Spastin CRISPR活性化プラスミド(h)は、基盤となるDNA配列を変更することなく、内因性SPASTの発現を標的化し、非破壊的にアップレギュレートするアプローチを提供します。
Spastin CRISPR 活性化プラスミド (h) は、ヒト細胞株における SPAST 遺伝子座の高効率かつ部位特異的な転写アップレギュレーションのために設計された、3 つのプラスミドからなる相乗的活性化メディエーター (SAM) システムです。このシステムは、DNA結合能を維持しつつヌクレアーゼ活性を失わせる2つの不活性化変異(D10AおよびN863A)を有する、触媒活性のないCas9(dCas9)を中核としています。
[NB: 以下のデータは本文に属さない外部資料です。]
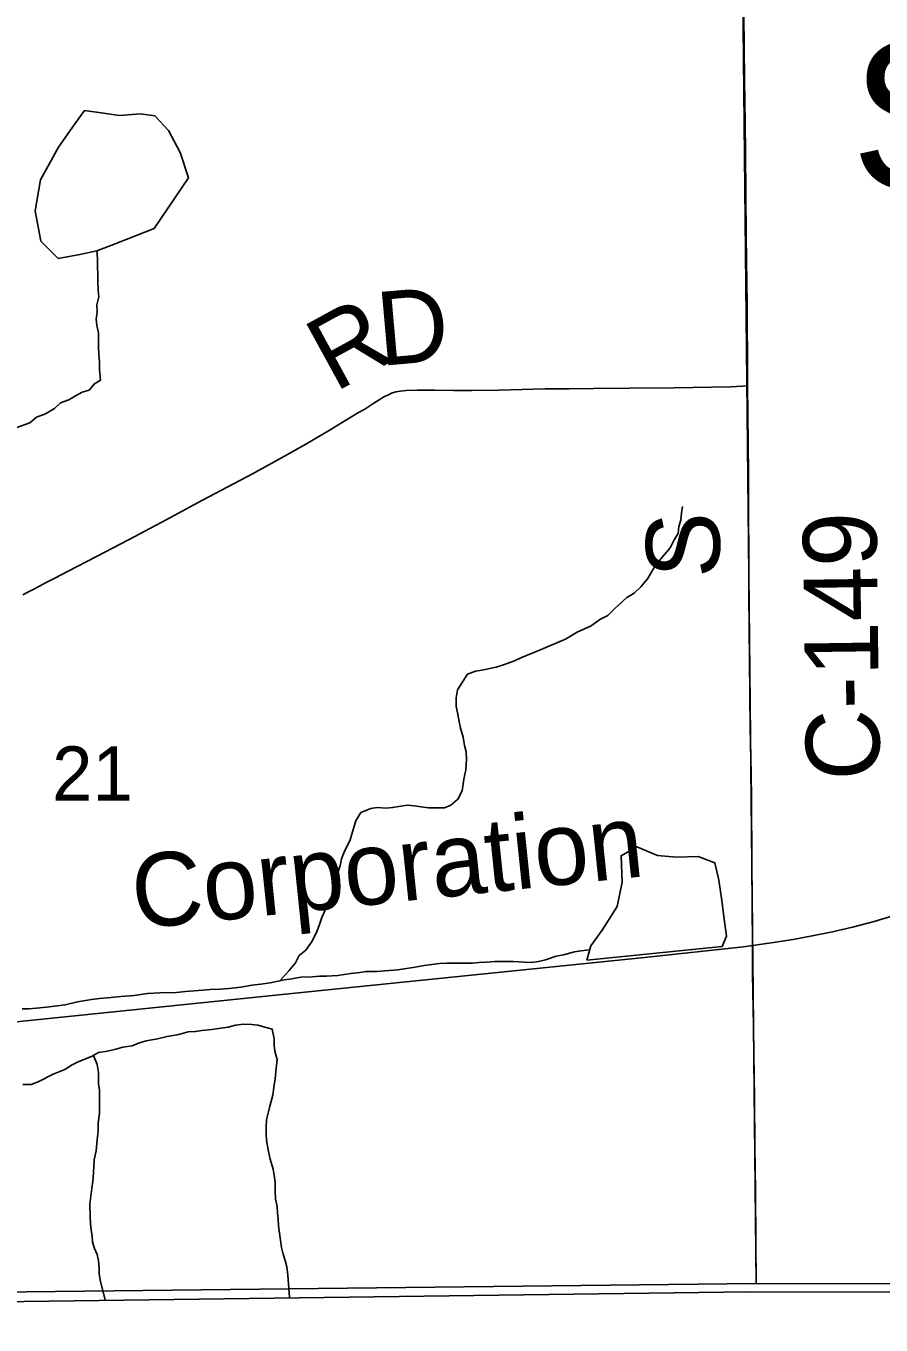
# Model space of a CAD drawing. Extents: x 1985906 to 2360102, y 891258 to 1222054.
# Drawn here: x 2089588 to 2093069, y 972068 to 977355 of the extents above; entities that cross this region are included whole.
import ezdxf

# ---------------------------------------------------------------- set-up
doc = ezdxf.new("R2010")
doc.units = 0
for name, color, linetype in [('GM_X_Adjacent_County', 7, 'Continuous'), ('GM_X_County', 7, 'Continuous'), ('GM_X_County_Road', 7, 'Continuous'), ('GM_X_County_Road_Text', 7, 'Continuous'), ('GM_X_Minor_Lake', 7, 'Continuous'), ('GM_X_Minor_Lake_Text', 7, 'Continuous'), ('GM_X_Minor_River', 7, 'Continuous'), ('GM_X_Rail_Line', 7, 'Continuous'), ('GM_X_Rail_Line_Text', 7, 'Continuous'), ('GM_X_Section', 7, 'Continuous'), ('GM_X_Section_Text', 7, 'Continuous'), ('GM_X_Township', 7, 'Continuous'), ('GM_X_Township_Road', 7, 'Continuous'), ('GM_X_Township_Road_Text', 7, 'Continuous')]:
    doc.layers.add(name, color=color, linetype=linetype)

msp = doc.modelspace()

# ---------------------------------------------------------------- linework, layer by layer
at = {"layer": 'GM_X_Adjacent_County'}
msp.add_lwpolyline([(2068960.6, 972095.1), (2071957, 972211.1), (2072186.2, 972204.8), (2072548.4, 972194.9), (2074867.1, 972135.3), (2076899.2, 972093.3), (2077525.5, 972071.6), (2080742.8, 972067.9), (2082039.7, 972069.9), (2083319.6, 972077.6), (2085836, 972133.1), (2087953.3, 972141.9), (2092530.5, 972203.2), (2095843.5, 972201.8)], dxfattribs=at)
at = {"layer": 'GM_X_County'}
msp.add_lwpolyline([(2095843.5, 972201.8), (2092530.5, 972203.2), (2087953.3, 972141.9), (2085836, 972133.1), (2083319.6, 972077.6), (2082039.7, 972069.9), (2080742.8, 972067.9), (2077525.5, 972071.6), (2076899.2, 972093.3), (2074867.1, 972135.3), (2072548.4, 972194.9), (2072186.2, 972204.8), (2072090.9, 977317.3), (2072088.8, 977429.8), (2072076.7, 978078.7), (2072047.3, 982706.5), (2072013.3, 988007.7)], dxfattribs=at)
at = {"layer": 'GM_X_County_Road'}
for points in [[(2092525.5, 975889.8), (2092525.3, 975929.4), (2092523.3, 976219.1), (2092520.2, 976497.9), (2092517.2, 976842.2), (2092515.5, 976957), (2092513.1, 977137.3), (2092510.6, 977399.2), (2092509.9, 977546.8), (2092508.4, 977638.6)], [(2092561.2, 972286.1), (2092560.6, 972306.8), (2092559.8, 972336.6), (2092558.7, 972402), (2092557.4, 972614.1), (2092555.2, 972793.7), (2092553.5, 972990), (2092551.2, 973170), (2092549.5, 973284.7), (2092546.1, 973497.8), (2092545.9, 973612.6), (2092543.3, 973940.6), (2092541, 974219.2), (2092538.5, 974383.1), (2092536.7, 974497.8), (2092532.1, 974907.7), (2092531.2, 975038.8), (2092530.2, 975202.7), (2092529.8, 975366.7), (2092528.9, 975530.7), (2092526.1, 975776.5), (2092525.5, 975889.8)]]:
    msp.add_lwpolyline(points, dxfattribs=at)
at = {"layer": 'GM_X_Minor_Lake'}
for points in [[(2090249.9, 976737.5), (2090215.6, 976839.6), (2090169.2, 976929.6), (2090113, 976989.5), (2090055, 976997.3), (2089969, 976991.1), (2089913, 976998.9), (2089826.9, 977010.6), (2089785.1, 976952.4), (2089721.5, 976862), (2089648, 976729.5), (2089626.5, 976603.2), (2089648.9, 976479), (2089719.2, 976409.1), (2089807.1, 976425.4), (2089877.1, 976439.7), (2089951, 976468), (2090110.7, 976530.6)], [(2090110.7, 976530.6), (2090249.9, 976737.5)], [(2092421.8, 973608.5), (2092439.6, 973650.6), (2092429.3, 973730.8), (2092419, 973804.9), (2092408.7, 973879), (2092392.5, 973949.1), (2092324.4, 973974.9), (2092236.4, 973972.6), (2092158.4, 973978.4), (2092074.2, 974014.2), (2092010.4, 973977.9), (2092014.8, 973869.7), (2091995.1, 973771.4), (2091933.5, 973675), (2091887.8, 973610.8), (2091872, 973552.6)], [(2091872, 973552.6), (2092421.8, 973608.5)]]:
    msp.add_lwpolyline(points, dxfattribs=at)
at = {"layer": 'GM_X_Minor_River'}
for points in [[(2089883, 976105.7), (2089876.8, 976135.8), (2089874.8, 976161.9), (2089878.7, 976190), (2089876.7, 976220.2), (2089884.6, 976252.3), (2089882.6, 976280.4), (2089880.5, 976314.5), (2089880.2, 976402.9), (2089878.2, 976427), (2089878.1, 976440.1)], [(2089551.4, 975720.4), (2089603.7, 975740.5), (2089631.9, 975762.6), (2089668.1, 975776.6), (2089704.3, 975798.7), (2089728.5, 975820.7), (2089762.7, 975832.8), (2089792.9, 975850.8), (2089817, 975864.8), (2089845.2, 975872.9), (2089867.3, 975898.9), (2089891.5, 975913), (2089887.3, 975957.2), (2089887.3, 975985.3), (2089885.2, 976019.4), (2089883.1, 976047.5), (2089883, 976077.6), (2089883, 976105.7)], [(2090622.2, 973469.4), (2090658.8, 973509.3), (2090684.9, 973541.4), (2090701, 973571.5), (2090727.1, 973593.6), (2090753.2, 973629.7), (2090773.3, 973671.9), (2090783.3, 973698), (2090793.3, 973726.1), (2090805.3, 973754.2), (2090815.3, 973784.3), (2090853.5, 973848.5), (2090857.4, 973878.6), (2090859.3, 973912.8), (2090867.4, 973938.8), (2090873.3, 973964.9), (2090883.3, 973993), (2090907.4, 974043.2), (2090917.4, 974075.3), (2090931.4, 974119.5), (2090951.5, 974153.6), (2090991.7, 974169.7), (2091017.9, 974173.7), (2091054.2, 974171.6), (2091080.4, 974173.6), (2091114.6, 974179.6), (2091140.8, 974183.6), (2091169, 974181.6), (2091197.3, 974177.6), (2091227.5, 974173.5), (2091257.7, 974173.5), (2091292, 974173.5), (2091318.1, 974183.5), (2091346.3, 974207.6), (2091364.4, 974241.7), (2091370.3, 974289.9), (2091378.3, 974328), (2091382.2, 974370.2), (2091380.1, 974400.3), (2091374, 974426.4), (2091367.9, 974460.5), (2091357.7, 974496.7), (2091339.4, 974587), (2091339.3, 974621.2), (2091345.3, 974653.3), (2091385.4, 974717.5), (2091417.6, 974729.5), (2091443.8, 974733.5), (2091502.2, 974745.5), (2091536.4, 974755.6), (2091576.7, 974771.6), (2091602.9, 974783.6), (2091655.2, 974805.7), (2091695.5, 974821.7), (2091749.8, 974843.8), (2091784, 974859.8), (2091832.3, 974887.9), (2091862.5, 974901.9), (2091888.7, 974914), (2091924.9, 974940), (2091957.1, 974956.1), (2091985.3, 974984.2), (2092033.5, 975028.3), (2092063.7, 975046.4), (2092091.8, 975072.4), (2092118, 975104.6), (2092148.1, 975154.7), (2092172.2, 975186.8), (2092210.4, 975231), (2092226.4, 975263.1), (2092242.5, 975289.2), (2092246.4, 975317.3), (2092254.4, 975343.4), (2092256.4, 975373.5), (2092260.3, 975399.6)], [(2089573, 973355.4), (2089599.2, 973355.4), (2089631.5, 973357.3), (2089671.8, 973361.3), (2089748.3, 973371.3), (2089798.7, 973383.4), (2089855.1, 973393.4), (2089887.3, 973397.3), (2089933.6, 973401.3), (2089973.9, 973405.3), (2090028.3, 973409.3), (2090056.5, 973413.3), (2090082.7, 973417.3), (2090133.1, 973419.3), (2090201.6, 973421.3), (2090237.8, 973425.2), (2090308.4, 973431.2), (2090338.6, 973433.2), (2090380.9, 973435.2), (2090415.2, 973437.2), (2090463.5, 973443.2), (2090509.8, 973451.2), (2090544.1, 973455.2), (2090582.3, 973461.2), (2090640.7, 973473.2), (2090671, 973477.2), (2090707.2, 973483.2), (2090753.6, 973485.2), (2090783.8, 973487.2), (2090812, 973487.1), (2090858.3, 973491.1), (2090910.7, 973499.1), (2090947, 973503.1), (2090973.2, 973507.1), (2091017.5, 973507.1), (2091049.7, 973509.1), (2091102.1, 973513.1), (2091128.3, 973517.1), (2091164.5, 973523.1), (2091208.9, 973531.1), (2091271.3, 973539.1), (2091303.5, 973541), (2091406.3, 973541), (2091432.5, 973543), (2091462.7, 973545), (2091497, 973547), (2091571.5, 973546.9), (2091617.9, 973544.9), (2091644.1, 973542.8), (2091674.3, 973546.8), (2091702.5, 973554.9), (2091746.8, 973568.9), (2091777, 973574.9), (2091821.3, 973586.9), (2091847.5, 973590.9), (2091883.5, 973594.9)], [(2089575.8, 973046.2), (2089610.1, 973046.2), (2089638.2, 973058.2), (2089698.6, 973088.3), (2089746.9, 973108.3), (2089777.1, 973126.4), (2089803.3, 973140.4), (2089855.6, 973160.5), (2089883.8, 973176.5), (2089920, 973182.5), (2089954.3, 973190.5), (2089982.5, 973198.5), (2090020.7, 973204.5), (2090046.9, 973214.5), (2090077.1, 973224.6), (2090123.4, 973232.6), (2090163.7, 973242.6), (2090210, 973250.6), (2090248.3, 973260.6), (2090278.5, 973262.6), (2090304.7, 973266.6), (2090345, 973270.6), (2090381.3, 973276.6), (2090411.5, 973280.6), (2090441.7, 973288.6), (2090473.9, 973292.6), (2090508.2, 973290.6)], [(2090508.2, 973290.6), (2090532.4, 973288.5), (2090566.6, 973278.5), (2090590.8, 973272.4), (2090599, 973232.3), (2090599.1, 973206.2), (2090601.1, 973182.1), (2090611.3, 973148), (2090605.4, 973099.8), (2090603.4, 973069.7), (2090597.5, 973035.5), (2090593.5, 973003.4), (2090581.5, 972959.3), (2090575.5, 972935.2), (2090567.5, 972903), (2090565.6, 972872.9), (2090565.7, 972844.8), (2090567.7, 972818.7), (2090573.9, 972780.6), (2090582, 972742.4), (2090594.2, 972702.3), (2090598.3, 972678.2), (2090602.4, 972648.1), (2090602.5, 972615.9), (2090604.6, 972579.8), (2090610.7, 972549.7), (2090612.8, 972523.6), (2090614.8, 972499.5), (2090616.9, 972471.4), (2090621, 972441.2), (2090625.1, 972413.1), (2090629.2, 972383), (2090635.3, 972356.9), (2090643.4, 972330.8), (2090649.6, 972304.7), (2090653.7, 972270.6), (2090661.4, 972180.6)], [(2089863.5, 973164.9), (2089877.9, 973128.3), (2089884, 973096.2), (2089884.1, 973050), (2089888.2, 973023.9), (2089888.4, 972929.6), (2089882.4, 972891.4), (2089882.5, 972855.3), (2089878.6, 972823.2), (2089874.7, 972777), (2089866.7, 972740.8), (2089864.7, 972712.7), (2089862.8, 972686.7), (2089860.8, 972652.5), (2089856.9, 972624.4), (2089849, 972560.2), (2089849.1, 972508), (2089851.2, 972479.9), (2089853.2, 972455.8), (2089857.3, 972429.7), (2089859.4, 972405.6), (2089867.5, 972379.5), (2089877.7, 972355.4), (2089883.8, 972329.3), (2089885.9, 972301.2), (2089885.9, 972277.1), (2089890, 972251), (2089910.4, 972170.4)]]:
    msp.add_lwpolyline(points, dxfattribs=at)
at = {"layer": 'GM_X_Rail_Line'}
msp.add_lwpolyline([(2088092.7, 973155), (2089443.2, 973290.6), (2090737.7, 973423.6), (2092105.8, 973563.6), (2092508.4, 973607.7), (2092621.8, 973623.1), (2092711.2, 973637.4), (2092789, 973651.4), (2092870.8, 973667.8), (2092952.1, 973687.1), (2093040.7, 973709.9), (2093130.2, 973736.8)], dxfattribs=at)
at = {"layer": 'GM_X_Section'}
for points in [[(2087164.7, 977509.1), (2089829.7, 977576.1), (2092504.9, 977615.1), (2092561.1, 972236.7), (2087210.6, 972175.8)], [(2092504.9, 977615.1), (2097921.9, 977593.4), (2097947.3, 974826.2), (2097865.9, 972235.6), (2092561.1, 972236.7)]]:
    msp.add_lwpolyline(points, close=True, dxfattribs=at)
at = {"layer": 'GM_X_Township'}
msp.add_lwpolyline([(2095843.5, 972201.8), (2092530.5, 972203.2), (2087953.3, 972141.9), (2085836, 972133.1), (2083319.6, 972077.6), (2082039.7, 972069.9), (2080742.8, 972067.9), (2077525.5, 972071.6), (2076899.2, 972093.3), (2074867.1, 972135.3), (2072548.4, 972194.9), (2072186.2, 972204.8), (2072090.9, 977317.3), (2072088.8, 977429.8), (2072076.7, 978078.7), (2072047.3, 982706.5), (2072013.3, 988007.7)], dxfattribs=at)
at = {"layer": 'GM_X_Township_Road'}
msp.add_lwpolyline([(2089575.2, 975039.5), (2089593.4, 975049.4), (2089619.8, 975062.9), (2089643.8, 975075.7), (2089668.4, 975088), (2089706.4, 975107.9), (2089760.3, 975135.5), (2089875.6, 975195.7), (2090006.1, 975264.2), (2090141.4, 975335.6), (2090307.6, 975424.5), (2090510.5, 975531.6), (2090641.3, 975604.8), (2090728.2, 975653.2), (2090827.2, 975711.2), (2090910.9, 975762.9), (2090942.2, 975781.5), (2090967.4, 975796.1), (2091004.3, 975819.5), (2091047.6, 975846.4), (2091063.4, 975854.1), (2091076.9, 975859.9), (2091094.4, 975865.8), (2091111.9, 975869.3), (2091136.6, 975871), (2091181.1, 975872.8), (2091252.5, 975872.2), (2091330.5, 975871.5), (2091403.7, 975871.5), (2091514.7, 975873.2), (2091701.2, 975877.6), (2091799.7, 975878), (2091898, 975879), (2092045.5, 975880.7), (2092225.9, 975882.9), (2092455.5, 975886.9), (2092504.7, 975888.9), (2092525.5, 975889.8)], dxfattribs=at)

# ---------------------------------------------------------------- texts
at = {"layer": 'GM_X_County_Road_Text'}
for s, rotation, p in [('S', 90, (2092412.5, 975108.6)), ('C-149', 90.8015, (2093064.7, 974286.3))]:
    msp.add_text(s, height=300, rotation=rotation, dxfattribs=at).set_placement(p)
at = {"layer": 'GM_X_Minor_Lake_Text'}
msp.add_text('Shreve', height=600.13, rotation=359.9667, dxfattribs=at).set_placement((2092947.3, 976691.8))
at = {"layer": 'GM_X_Rail_Line_Text'}
msp.add_text('Corporation', height=299, rotation=5.9306, dxfattribs=at).set_placement((2090034.2, 973679))
at = {"layer": 'GM_X_Section_Text'}
msp.add_text('21', height=221, rotation=0, dxfattribs=at).set_placement((2089694.8, 974202))
at = {"layer": 'GM_X_Township_Road_Text'}
for s, rotation, p in [('D', 5.0683, (2091030.7, 975971.2)), ('R', 28.6897, (2090845.6, 975862.4))]:
    msp.add_text(s, height=300, rotation=rotation, dxfattribs=at).set_placement(p)

doc.saveas('drawing.dxf')

このdCas9は、強力な転写活性化因子であるVP64と融合しており、選別用のブラスティシジン耐性遺伝子と共に共発現します。2番目のプラスミドは、dCas9-VP64と協調して機能する二次活性化複合体であるMS2-p65-HSF1融合タンパク質をコードしており、ヒグロマイシン耐性遺伝子と共に発現する。3番目のプラスミドは、標的特異的な20塩基対のsgRNAをコードしており、これはMS2-p65-HSF1複合体を活性化部位に誘導する2つのMS2 RNAアプタマーと融合しており、さらにピューロマイシン耐性遺伝子が付随している。これら3つのプラスミドは、システム構成要素すべてが均等に発現するよう、質量比1:1:1で導入される。
標的遺伝子座に集合すると、SAM複合体はSPAST転写開始点の上流約200 bpの領域に結合し、そこでVP64、p65、およびHSF1が協調して転写装置を動員し、内因性Spastinの発現上昇を促進する。ヌクレアーゼ活性を持つCas9とは異なり、 dCas9は二本鎖切断を導入したりゲノム配列を改変したりしないため、天然のSPAST遺伝子座が保持され、内因性遺伝子座におけるSpastin依存性の転写応答の研究が可能となります。これにより、機能解析、標的遺伝子の同定、およびSPAST発現が沈黙または低下した腫瘍細胞におけるSpastin経路の回復のモデル化を行う上で、貴重なツールとなります。
研究用のみ。診断用または治療用ではありません。